Can you imagine the scandal?

So, yes, we brought you into our lives as a third wheel, but it's not like that anymore.

Neither of us - can imagine being without you.

- Mmm.

You're family, William.

Hear, hear.

[Dede moans]

And who's to say we can't be two Second Gentlemen?

[all chuckling]

It's one step at a time with this Tino business.

Tomorrow we start planning, tonight we celebrate the only way we know how.

With a nice [gasps]

long Devil's Triangle.

- [men]

Mmm.

- [Dede]

Mmm.

Hi, I'm looking for Sherry Dougal.

Oh, sorry.

I'm McAfee Westbrook, we spoke on the phone.

I'm your new campaign staffer.

I'll show you around.

The senator doesn't come to the office often.

Not at all really.

The senator doesn't go to her campaign office?

That's the chief of staff's office.

Don't go in there.

- Whose offices are these?

- Oh, someone's got a lot of questions.

Don't go in there either.

This is your office.

That's your computer.

Our entire voter database is on there, so whatever you do, do not unplug it, okay?

The password is "intern.

" You know how to work Windows 99, right?

No.

You'll figure it out.

It's just like Windows 95.

These need to go out to all 300,000 members of the 27th District, okay?

So you just take one of these and you put it on one of these.

Voilà .

See?

Easy.

And I even did the first one for you.

Now, the election is November 6th, so we want these in the mail the first week of October, so you've got time.

You could curl up under the desk and take a nap for all I care, just don't bother anybody, okay?

Oh, the bathroom key is at my desk.

You take it and you swipe it against the sensor and the door unlocks.

Wait, that's it?

Yeah, it's an electronic thing.

You swipe it, it unlocks the door.

No, I mean this, the mailers.

This is the campaign?

Yeah.

But the first week of October, that's two weeks after the primaries.

Dede Standish hasn't been primaried in 20 years.

She won't even have an opponent in the general.

The only reason she's even mailing out a flyer is because there's an Instaprints in her district that Staples is k*lling, and she likes to take care of small businesses.

I wanna talk to your boss.

- Excuse me?

- Hadassah Gold, I wanna talk to her.

Yeah, well, you can't.

Oh, God.

Where are you going?

Mmm.

I dunno.

This is very orange.

[Sherry]

Stop!
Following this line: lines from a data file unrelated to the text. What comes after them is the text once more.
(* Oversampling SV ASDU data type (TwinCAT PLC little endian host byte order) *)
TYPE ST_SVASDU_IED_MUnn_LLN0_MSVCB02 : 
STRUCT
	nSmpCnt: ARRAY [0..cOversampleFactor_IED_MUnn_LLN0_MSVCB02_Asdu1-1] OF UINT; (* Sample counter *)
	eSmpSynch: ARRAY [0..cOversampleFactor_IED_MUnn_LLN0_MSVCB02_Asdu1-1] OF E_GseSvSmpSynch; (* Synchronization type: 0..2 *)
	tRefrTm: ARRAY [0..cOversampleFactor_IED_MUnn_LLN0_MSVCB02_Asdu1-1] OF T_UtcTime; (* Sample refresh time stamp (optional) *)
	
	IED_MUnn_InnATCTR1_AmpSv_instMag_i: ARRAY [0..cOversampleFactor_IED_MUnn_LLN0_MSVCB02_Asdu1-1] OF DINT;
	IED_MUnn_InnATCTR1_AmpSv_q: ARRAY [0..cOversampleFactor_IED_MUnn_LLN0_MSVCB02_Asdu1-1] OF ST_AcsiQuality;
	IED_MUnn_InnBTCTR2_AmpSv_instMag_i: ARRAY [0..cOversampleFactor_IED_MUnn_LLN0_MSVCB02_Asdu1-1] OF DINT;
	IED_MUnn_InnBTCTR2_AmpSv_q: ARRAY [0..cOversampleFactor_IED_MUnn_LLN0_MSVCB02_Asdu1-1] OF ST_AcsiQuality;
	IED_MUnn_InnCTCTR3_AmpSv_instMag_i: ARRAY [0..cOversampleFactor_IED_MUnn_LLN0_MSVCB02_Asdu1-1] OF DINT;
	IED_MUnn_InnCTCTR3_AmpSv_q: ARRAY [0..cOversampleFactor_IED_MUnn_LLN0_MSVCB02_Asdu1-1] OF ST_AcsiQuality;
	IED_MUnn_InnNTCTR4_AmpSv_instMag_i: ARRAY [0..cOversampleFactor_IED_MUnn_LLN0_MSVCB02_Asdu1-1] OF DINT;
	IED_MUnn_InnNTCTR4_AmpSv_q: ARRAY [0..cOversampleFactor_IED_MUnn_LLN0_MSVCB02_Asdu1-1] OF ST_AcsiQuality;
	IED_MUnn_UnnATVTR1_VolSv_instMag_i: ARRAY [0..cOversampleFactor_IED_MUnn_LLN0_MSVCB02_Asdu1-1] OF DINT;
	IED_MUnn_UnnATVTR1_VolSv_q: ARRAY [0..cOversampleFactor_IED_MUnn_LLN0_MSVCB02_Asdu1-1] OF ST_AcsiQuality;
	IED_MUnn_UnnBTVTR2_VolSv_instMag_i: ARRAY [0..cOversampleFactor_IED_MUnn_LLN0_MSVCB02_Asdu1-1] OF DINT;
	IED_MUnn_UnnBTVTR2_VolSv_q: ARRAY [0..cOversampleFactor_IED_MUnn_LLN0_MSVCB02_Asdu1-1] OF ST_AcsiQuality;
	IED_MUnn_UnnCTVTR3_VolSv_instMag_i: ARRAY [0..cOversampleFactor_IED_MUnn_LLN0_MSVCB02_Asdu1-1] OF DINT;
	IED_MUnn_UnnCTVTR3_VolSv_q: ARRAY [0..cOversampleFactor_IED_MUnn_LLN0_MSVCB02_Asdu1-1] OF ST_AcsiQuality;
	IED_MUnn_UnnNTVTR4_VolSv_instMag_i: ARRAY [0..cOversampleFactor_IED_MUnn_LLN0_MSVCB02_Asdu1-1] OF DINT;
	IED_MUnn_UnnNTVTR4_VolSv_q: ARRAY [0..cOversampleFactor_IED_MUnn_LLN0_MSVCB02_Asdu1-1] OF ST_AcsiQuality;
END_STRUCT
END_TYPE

Jesus! - What?

No! - [locks door]

Hadassah, I'm so sorry! - Who are you?

- I'm McAfee Westbrook.

I'm your new campaign staffer.

[exhales sharply]

Why are you stopping?

- Wha What's your name?

- McAfee Westbrook.

Oh, your your first name is a last name?

[laughing]

I hate that.

I didn't name myself.

You know what?

I just had my first grandson.

You know what they named him?

Jagger.

I was holding him in my arms when they told me.

nearly threw him out the window.

I didn't, of course.

That would be a heinous crime.

What do you think you're doing barging in here like this?

Okay, um, well, first a little background: I just graduated from Columbia with a double major in PoliSci and Statistics.

I don't care.

And I did it in three years, which sucked.

Like, I slept four hours a night, I had no friends, and I never went out.

I don't care.

Honey, that's on you.

Why would you do such a thing?

What gave you that idea?

Because I wanted to work for Senator Standish.

She's a brilliant woman and a fantastic politician.

She turned the whole state government around.

Unemployment numbers statewide are high, but I see that as a marker of success as it indicates that people who've dropped out of the job market are returning to the workforce.

Stop! Oh, my God, you talk way too fast.

But this isn't a 21st century campaign.

- Campaign?

- This isn't even a 20th century campaign.

- Campaign?

- This is a late 18th century campaign.

Okay! Allow me to break it down for you a little.

First of all, don't bullshit me.

Nobody wakes up and says, "Ooh, I want to work for a state senator.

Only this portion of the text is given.